Невозможность превращения в идеологию, утилизации, возникает в связи с воззрением Мережковского в сугубой степени. В сонме мыслителей Серебряного века он – едва ли не самый отчаянный путаник и фантазер. Художник в основе, своим даром вымысла он дерзко пользовался и в области теоретической мысли. В его творчестве и жизненных экспериментах явные ошибки и просчеты громоздятся на ошибках же. Кто сейчас всерьёз станет исповедовать его учение о Третьем Завете, о Духе Матери, – о пресловутой Тайне Трёх? Может ли быть возрождена основанная Мережковским и Зинаидой Гиппиус секта «Наша Церковь» – искусственное смешение православия с нездоровой эротикой? А вера в возможность скорого наступления Царства Божия через свержение царизма и последующую анархию? А культивирование странной четой Мережковских террориста Савинкова? И так дальше и дальше. Я уж не говорю о том, что некоторые пассажи Дмитрия Сергеевича без преувеличения можно расценить как прямой сатанизм, – скажем, одобрение расстрела Причастия, о чём в «Дневнике писателя» сообщил Достоевский, или положительную оценку преступления Раскольникова и, соответственно, развенчание его раскаяния… Демонично и представление Мережковского о смыкании «верхней» и «нижней» «бездн», уравнивание им в достоинстве путей добра и зла. В своей книге начала 1900-х годов о Толстом и Достоевском мыслитель заявил о Ницше как о новом святом – святом Третьего Завета; но ницшеанская закваска его творчества дает знать о себе и в сочинениях 1920-1930-х годов.

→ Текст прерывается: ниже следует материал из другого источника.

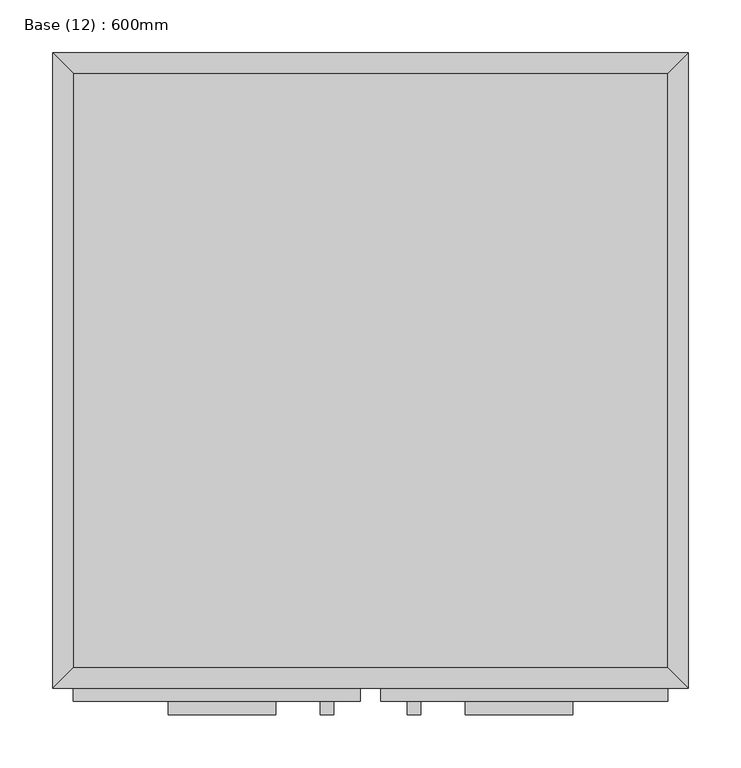
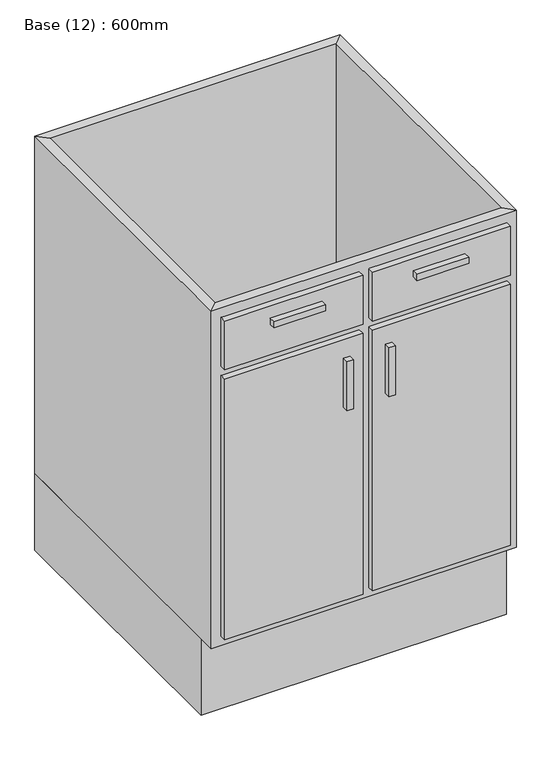
"""IFC4 building model written with IfcOpenShell, lengths in millimetres: furniture geometry, Base (12) : 600mm."""

from ifc_helpers import new_model, si_unit, frame, origin, origin_with_axes, place, context, project, spatial, polyline, outline, extrude, faceted_brep, source, transform, mapped, element, save


def base_12_600mm_9f03d81e(model_context):
    return source(origin(), model_context, "Body", "SolidModel", [
        extrude(outline(polyline([(299.6877049, -19.05), (299.6877049, -580.95), (-262.2122951, -580.95), (-262.2122951, -19.05), (299.6877049, -19.05)])), frame((0.0, 0.0, 160.0), z_axis=(0.0, 0.0, 1.0), x_axis=(1.0, 0.0, 0.0)), (0.0, 0.0, 1.0), 19.05),
        faceted_brep([(299.6877049, -580.95, 860.0), (299.6877049, -580.95, 160.0), (-262.2122951, -580.95, 160.0), (-262.2122951, -580.95, 860.0), (318.7377049, -600.0, 860.0), (-281.2622951, -600.0, 860.0), (318.7377049, -600.0, 160.0), (-281.2622951, -600.0, 160.0), (-262.2122951, -19.05, 160.0), (-262.2122951, -19.05, 860.0), (-281.2622951, 0.0, 860.0), (-281.2622951, 0.0, 160.0), (299.6877049, -19.05, 160.0), (299.6877049, -19.05, 860.0), (318.7377049, 0.0, 860.0), (318.7377049, 0.0, 160.0)], [[[0, 1, 2, 3]], [[4, 0, 3, 5]], [[6, 4, 5, 7]], [[1, 6, 7, 2]], [[3, 2, 8, 9]], [[5, 3, 9, 10]], [[7, 5, 10, 11]], [[2, 7, 11, 8]], [[9, 8, 12, 13]], [[10, 9, 13, 14]], [[11, 10, 14, 15]], [[8, 11, 15, 12]], [[13, 12, 1, 0]], [[14, 13, 0, 4]], [[15, 14, 4, 6]], [[12, 15, 6, 1]]]),
        extrude(outline(polyline([(318.7377049, 0.0), (318.7377049, -565.0), (-281.2622951, -565.0), (-281.2622951, 0.0), (318.7377049, 0.0)])), origin_with_axes(), (0.0, 0.0, 1.0), 160.0),
        extrude(outline(polyline([(-70.9372951, -625.4), (-172.5372951, -625.4), (-172.5372951, -612.7), (-70.9372951, -612.7), (-70.9372951, -625.4)])), frame((0.0, 0.0, 802.85), z_axis=(0.0, 0.0, 1.0), x_axis=(1.0, 0.0, 0.0)), (0.0, 0.0, 1.0), 12.7),
        extrude(outline(polyline([(210.0127049, -625.4), (108.4127049, -625.4), (108.4127049, -612.7), (210.0127049, -612.7), (210.0127049, -625.4)])), frame((0.0, 0.0, 802.85), z_axis=(0.0, 0.0, 1.0), x_axis=(1.0, 0.0, 0.0)), (0.0, 0.0, 1.0), 12.7),
        extrude(outline(polyline([(-16.1872951, -625.4), (-28.8872951, -625.4), (-28.8872951, -612.7), (-16.1872951, -612.7), (-16.1872951, -625.4)])), frame((0.0, 0.0, 580.6), z_axis=(0.0, 0.0, 1.0), x_axis=(1.0, 0.0, 0.0)), (0.0, 0.0, 1.0), 101.6),
        extrude(outline(polyline([(66.3627049, -625.4), (53.6627049, -625.4), (53.6627049, -612.7), (66.3627049, -612.7), (66.3627049, -625.4)])), frame((0.0, 0.0, 580.6), z_axis=(0.0, 0.0, 1.0), x_axis=(1.0, 0.0, 0.0)), (0.0, 0.0, 1.0), 101.6),
        extrude(outline(polyline([(9.2127049, -612.7), (-262.2122951, -612.7), (-262.2122951, -600.0), (9.2127049, -600.0), (9.2127049, -612.7)])), frame((0.0, 0.0, 739.35), z_axis=(0.0, 0.0, 1.0), x_axis=(1.0, 0.0, 0.0)), (0.0, 0.0, 1.0), 101.6),
        extrude(outline(polyline([(299.6877049, -612.7), (28.2627049, -612.7), (28.2627049, -600.0), (299.6877049, -600.0), (299.6877049, -612.7)])), frame((0.0, 0.0, 739.35), z_axis=(0.0, 0.0, 1.0), x_axis=(1.0, 0.0, 0.0)), (0.0, 0.0, 1.0), 101.6),
        extrude(outline(polyline([(9.2127049, -612.7), (-262.2122951, -612.7), (-262.2122951, -600.0), (9.2127049, -600.0), (9.2127049, -612.7)])), frame((0.0, 0.0, 179.05), z_axis=(0.0, 0.0, 1.0), x_axis=(1.0, 0.0, 0.0)), (0.0, 0.0, 1.0), 541.25),
        extrude(outline(polyline([(299.6877049, -612.7), (28.2627049, -612.7), (28.2627049, -600.0), (299.6877049, -600.0), (299.6877049, -612.7)])), frame((0.0, 0.0, 179.05), z_axis=(0.0, 0.0, 1.0), x_axis=(1.0, 0.0, 0.0)), (0.0, 0.0, 1.0), 541.25),
    ])


if __name__ == "__main__":
    model = new_model("IFC4")
    model_context = context("Model", 3, world=origin())
    ifc_project = project(units=[si_unit("LENGTHUNIT", "METRE", prefix="MILLI")], contexts=[model_context])
    site = spatial("IfcSite", under=ifc_project)
    building = spatial("IfcBuilding", under=site)
    placement = place(None, origin())
    base_12_600mm_shape = base_12_600mm_9f03d81e(model_context)
    element("IfcFurniture", 1, ObjectType="Base (12) : 600mm", at=placement, inside=building, context=model_context, shape_type="MappedRepresentation", body=[
        mapped(base_12_600mm_shape, transform((0.0, 0.0, 0.0), x_axis=(1.0, 0.0, 0.0), y_axis=(0.0, 1.0, 0.0), z_axis=(0.0, 0.0, 1.0))),
    ])
    save(model, "model.ifc")

# Revit data of these elements
# Type "Base (12) : 600mm"
#   Keynote = "N10"
#   Depth = 600 mm
#   Height = 860 mm
#   Plinth Depth = 35 mm
#   Plinth Height = 160 mm
#   Width = 600 mm
#   Material Cabinet = Cabinets
#   Material Door/Drawer = Cabinets
#   Material Handle = Cabinets - Handles
#   Default Elevation = 0
# Element 1 (IfcFurniture, "Base (12) : 600mm")
#   Materials on its faces: "Cabinets", "Cabinets - Handles"
# Materials
#   "Cabinets": class "Miscellaneous", colour RGB 249 249 249, transparency 0
#   "Cabinets - Handles": class "Metal", colour RGB 57 57 57, transparency 0
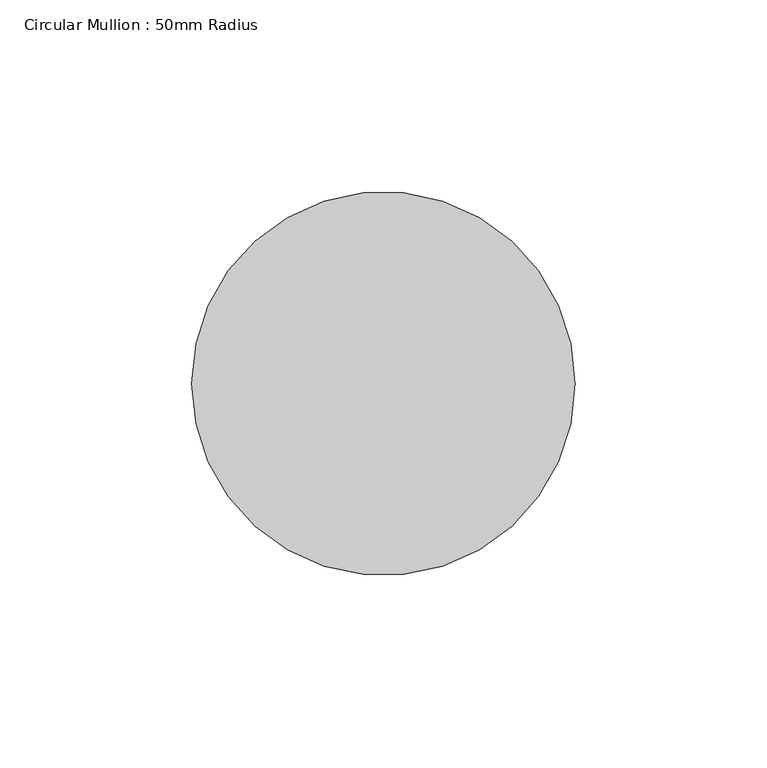
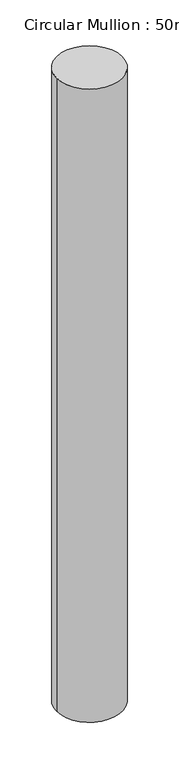
"""IFC4 building model written with IfcOpenShell, lengths in millimetres: member geometry, Circular Mullion : 50mm Radius."""

from ifc_helpers import new_model, si_unit, point, frame, origin, origin_2d, place, context, project, spatial, circle_curve, trimmed, segment, composite_curve, outline, extrude, source, transform, mapped, element, save


def circular_mullion_50mm_radius_d9d6dba5(model_context):
    return source(origin(), model_context, "Body", "SweptSolid", [
        extrude(outline(composite_curve([segment(trimmed(circle_curve(origin_2d(), 50.0), [point((50.0, 0.0))], [point((-50.0, 0.0))], False, "CARTESIAN"), True, "CONTINUOUS"), segment(trimmed(circle_curve(origin_2d(), 50.0), [point((-50.0, 0.0))], [point((50.0, 0.0))], False, "CARTESIAN"), True, "CONTINUOUS")], self_intersect=False)), frame((0.0, 0.0, -1022.3928664), z_axis=(0.0, 0.0, 1.0), x_axis=(1.0, 0.0, 0.0)), (0.0, 0.0, 1.0), 1022.3928664),
    ])


if __name__ == "__main__":
    model = new_model("IFC4")
    model_context = context("Model", 3, world=origin())
    ifc_project = project(units=[si_unit("LENGTHUNIT", "METRE", prefix="MILLI")], contexts=[model_context])
    site = spatial("IfcSite", under=ifc_project)
    building = spatial("IfcBuilding", under=site)
    placement = place(None, origin())
    circular_mullion_50mm_radius_shape = circular_mullion_50mm_radius_d9d6dba5(model_context)
    element("IfcMember", 1, ObjectType="Circular Mullion : 50mm Radius", at=placement, inside=building, context=model_context, shape_type="MappedRepresentation", body=[
        mapped(circular_mullion_50mm_radius_shape, transform((0.0, 0.0, 0.0), x_axis=(1.0, 0.0, 0.0), y_axis=(0.0, 1.0, 0.0), z_axis=(0.0, 0.0, 1.0))),
    ])
    save(model, "model.ifc")

# Revit data of these elements
# Type "Circular Mullion : 50mm Radius"
#   built-in parameter 1007350 = 0.164042 (stored number, unit not read)
# Element 1 (IfcMember, "Circular Mullion : 50mm Radius")
#   Materials on its faces: "Aluminium"
# Materials
#   "Aluminium": class "Metal", colour RGB 247 247 247, transparency 0, Description = "Aluminium 6061", Cost = 0

Итак, вопрос: «Нужен ли нам – русскому народу, русской культуре – такой писатель, как Мережковский?» – может быть поставлен вполне всерьёз. Он очень талантлив, но если свой дар слова он использовал для обоснования ложных и вредных идей? Однако, быть может, не все его концепции ошибочны и пагубны? В его творческой копилке не хранится ли нечто продуктивное, выдерживающее испытание временем, оправданное нравственным судом? Читатель, возможно, согласится, что меткой догадкой, если и не пророческим прозрением, было представление Мережковского о Грядущем Хаме – о торжествующей победе в недалеком будущем и во всемирном масштабе духа смердяковской пошлости, воинствующего тупого мещанства над всем высоким и чистым. Именно таким видел зло наш мыслитель, и люциферическая бравада – отнюдь не последнее его этическое суждение. А весьма тонкая, лично выстраданная мысль о том, что различить, на самом деле, добро и зло порой до невозможности трудно? В книге 1932 года «Иисус Неизвестный» эта мысль обострена до предела: Христос и Антихрист здесь представлены метафизическими двойниками, причем самому Иисусу было дано пережить страшную – почти до одержимости Другим – близость к его антиподу. Конечно, Иисус Неизвестный – плод художественно-богословской фантазии Мережковского, и его собственные «апокрифы», составляющие основу книги, не стоит принимать совсем уж всерьез. Лично меня представление о Христовых двойниках коробит, но оно, возможно, поможет кому-то в деле различения духов…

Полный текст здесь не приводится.